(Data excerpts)
───
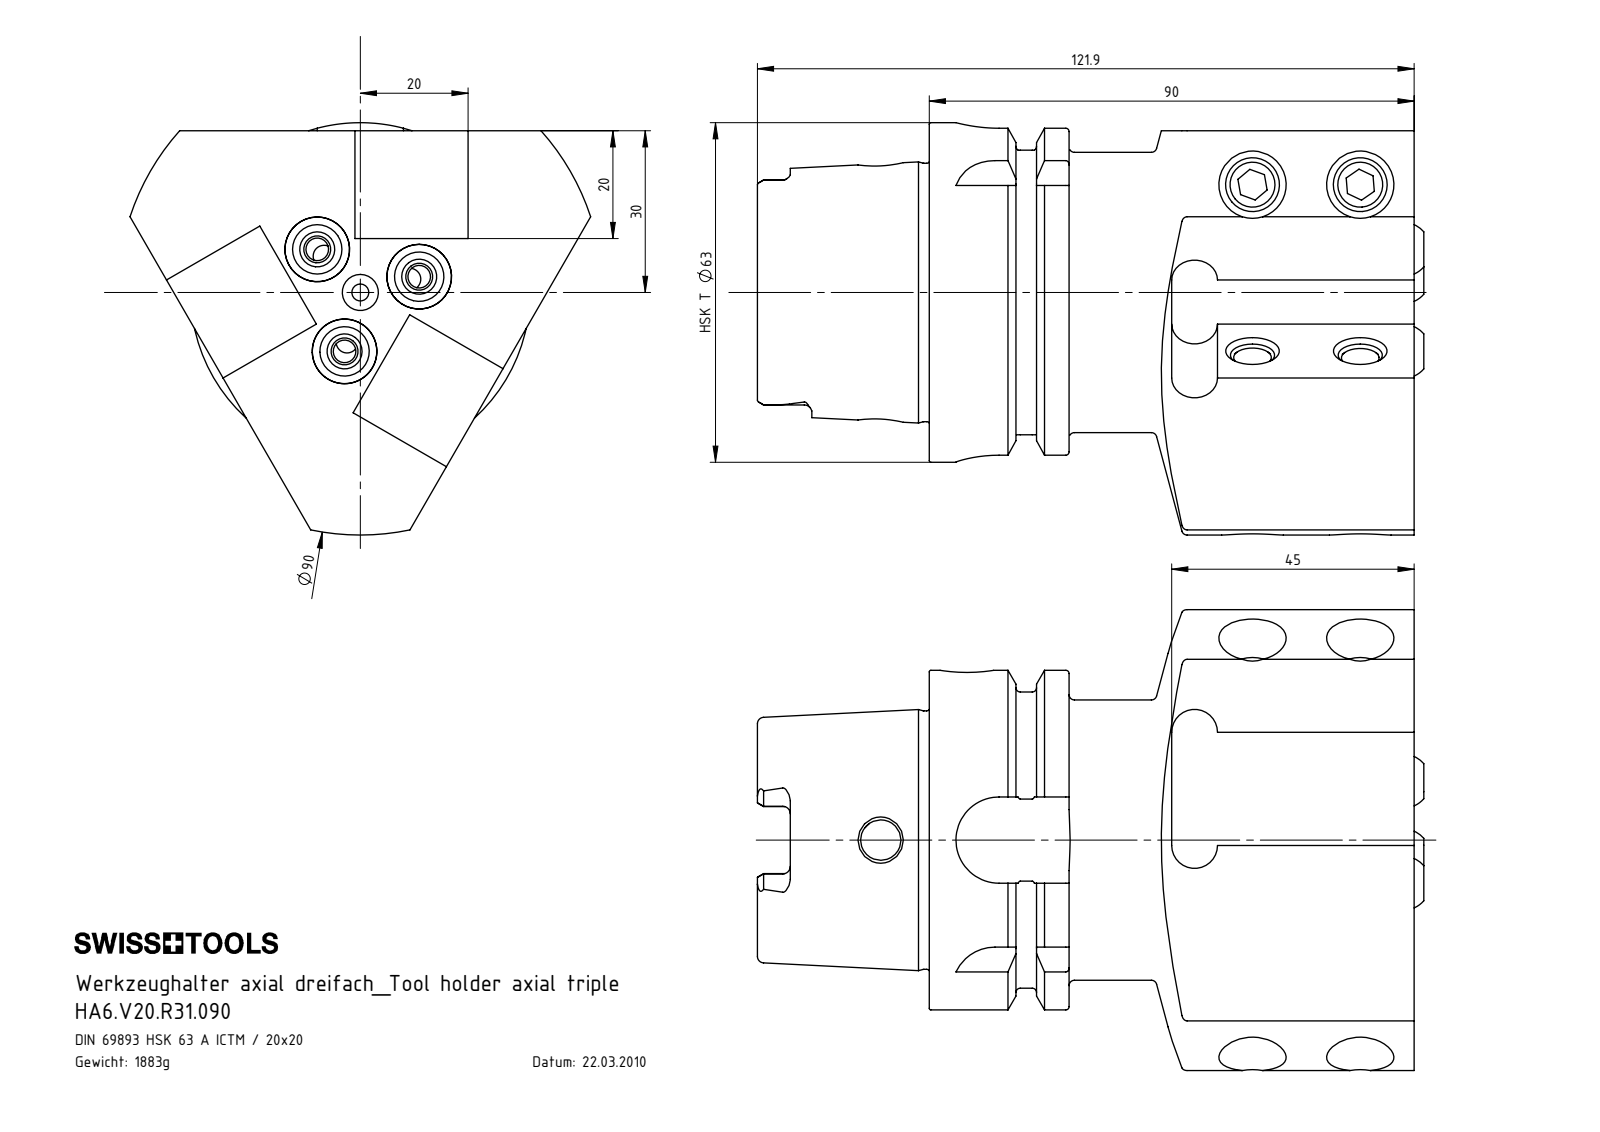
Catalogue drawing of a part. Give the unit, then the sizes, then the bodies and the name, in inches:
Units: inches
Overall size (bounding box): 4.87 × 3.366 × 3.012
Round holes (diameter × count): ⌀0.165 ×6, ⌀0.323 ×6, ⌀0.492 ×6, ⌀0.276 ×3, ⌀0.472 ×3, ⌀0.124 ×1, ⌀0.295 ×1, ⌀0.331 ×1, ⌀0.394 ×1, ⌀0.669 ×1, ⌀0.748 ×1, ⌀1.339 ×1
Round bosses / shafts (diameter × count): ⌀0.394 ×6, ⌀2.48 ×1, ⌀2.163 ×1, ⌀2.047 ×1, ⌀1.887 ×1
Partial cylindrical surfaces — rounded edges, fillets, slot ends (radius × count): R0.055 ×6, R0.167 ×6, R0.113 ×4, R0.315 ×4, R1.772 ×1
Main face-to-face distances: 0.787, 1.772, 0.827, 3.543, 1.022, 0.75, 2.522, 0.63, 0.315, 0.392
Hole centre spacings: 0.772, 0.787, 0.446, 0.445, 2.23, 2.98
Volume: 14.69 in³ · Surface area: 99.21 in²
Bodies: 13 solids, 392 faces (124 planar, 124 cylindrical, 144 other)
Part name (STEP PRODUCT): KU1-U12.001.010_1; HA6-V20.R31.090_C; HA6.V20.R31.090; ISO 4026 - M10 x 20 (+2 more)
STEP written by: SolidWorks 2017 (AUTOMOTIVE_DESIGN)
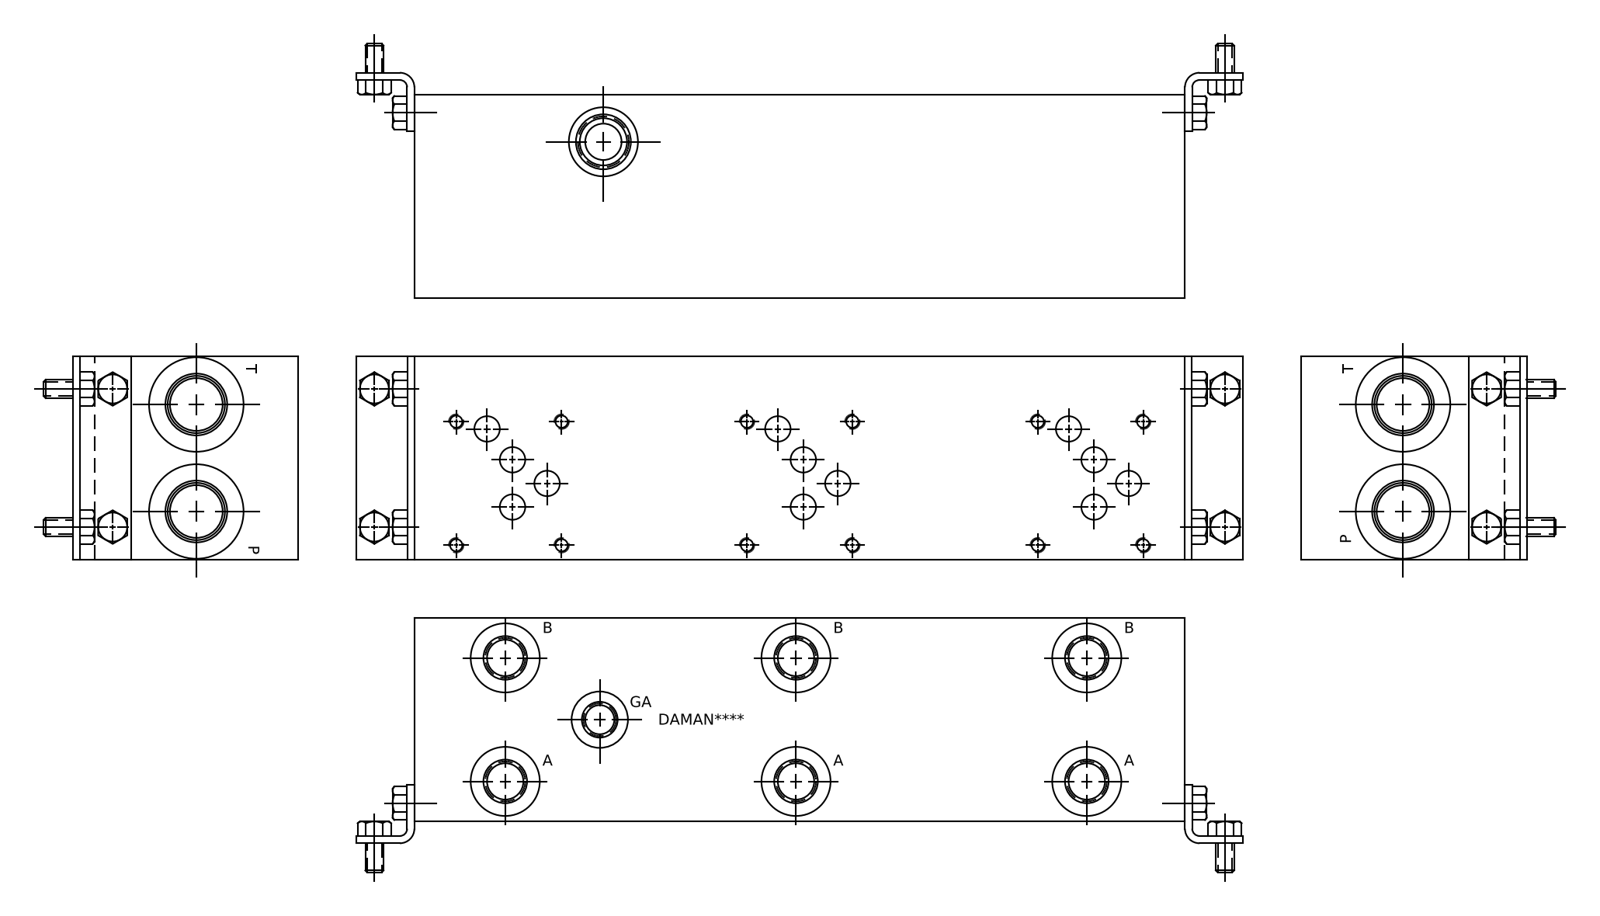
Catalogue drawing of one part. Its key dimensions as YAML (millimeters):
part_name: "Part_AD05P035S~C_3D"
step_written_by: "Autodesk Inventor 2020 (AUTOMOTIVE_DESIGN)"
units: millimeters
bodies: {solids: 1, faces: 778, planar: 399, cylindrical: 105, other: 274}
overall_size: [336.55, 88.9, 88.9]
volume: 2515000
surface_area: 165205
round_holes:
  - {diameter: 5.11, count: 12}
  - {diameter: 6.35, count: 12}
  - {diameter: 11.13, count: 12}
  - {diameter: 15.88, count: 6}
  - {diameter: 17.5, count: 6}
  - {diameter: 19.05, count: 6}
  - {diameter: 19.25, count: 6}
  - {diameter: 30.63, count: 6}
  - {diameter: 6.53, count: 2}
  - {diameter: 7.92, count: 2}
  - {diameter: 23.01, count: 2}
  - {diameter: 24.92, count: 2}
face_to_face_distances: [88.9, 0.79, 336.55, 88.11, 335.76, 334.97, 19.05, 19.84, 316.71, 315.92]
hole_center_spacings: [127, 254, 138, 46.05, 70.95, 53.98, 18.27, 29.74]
───
[Task details]
Exclude all images and retype the data precisely.

[Finished task]
Catalogue drawing of a part. Give the unit, then the sizes, then the bodies and the name, in inches:
Units: inches
Overall size (bounding box): 4.87 × 3.366 × 3.012
Round holes (diameter × count): ⌀0.165 ×6, ⌀0.323 ×6, ⌀0.492 ×6, ⌀0.276 ×3, ⌀0.472 ×3, ⌀0.124 ×1, ⌀0.295 ×1, ⌀0.331 ×1, ⌀0.394 ×1, ⌀0.669 ×1, ⌀0.748 ×1, ⌀1.339 ×1
Round bosses / shafts (diameter × count): ⌀0.394 ×6, ⌀2.48 ×1, ⌀2.163 ×1, ⌀2.047 ×1, ⌀1.887 ×1
Partial cylindrical surfaces — rounded edges, fillets, slot ends (radius × count): R0.055 ×6, R0.167 ×6, R0.113 ×4, R0.315 ×4, R1.772 ×1
Main face-to-face distances: 0.787, 1.772, 0.827, 3.543, 1.022, 0.75, 2.522, 0.63, 0.315, 0.392
Hole centre spacings: 0.772, 0.787, 0.446, 0.445, 2.23, 2.98
Volume: 14.69 in³ · Surface area: 99.21 in²
Bodies: 13 solids, 392 faces (124 planar, 124 cylindrical, 144 other)
Part name (STEP PRODUCT): KU1-U12.001.010_1; HA6-V20.R31.090_C; HA6.V20.R31.090; ISO 4026 - M10 x 20 (+2 more)
STEP written by: SolidWorks 2017 (AUTOMOTIVE_DESIGN)
Catalogue drawing of one part. Its key dimensions as YAML (millimeters):
part_name: "Part_AD05P035S~C_3D"
step_written_by: "Autodesk Inventor 2020 (AUTOMOTIVE_DESIGN)"
units: millimeters
bodies: {solids: 1, faces: 778, planar: 399, cylindrical: 105, other: 274}
overall_size: [336.55, 88.9, 88.9]
volume: 2515000
surface_area: 165205
round_holes:
  - {diameter: 5.11, count: 12}
  - {diameter: 6.35, count: 12}
  - {diameter: 11.13, count: 12}
  - {diameter: 15.88, count: 6}
  - {diameter: 17.5, count: 6}
  - {diameter: 19.05, count: 6}
  - {diameter: 19.25, count: 6}
  - {diameter: 30.63, count: 6}
  - {diameter: 6.53, count: 2}
  - {diameter: 7.92, count: 2}
  - {diameter: 23.01, count: 2}
  - {diameter: 24.92, count: 2}
face_to_face_distances: [88.9, 0.79, 336.55, 88.11, 335.76, 334.97, 19.05, 19.84, 316.71, 315.92]
hole_center_spacings: [127, 254, 138, 46.05, 70.95, 53.98, 18.27, 29.74]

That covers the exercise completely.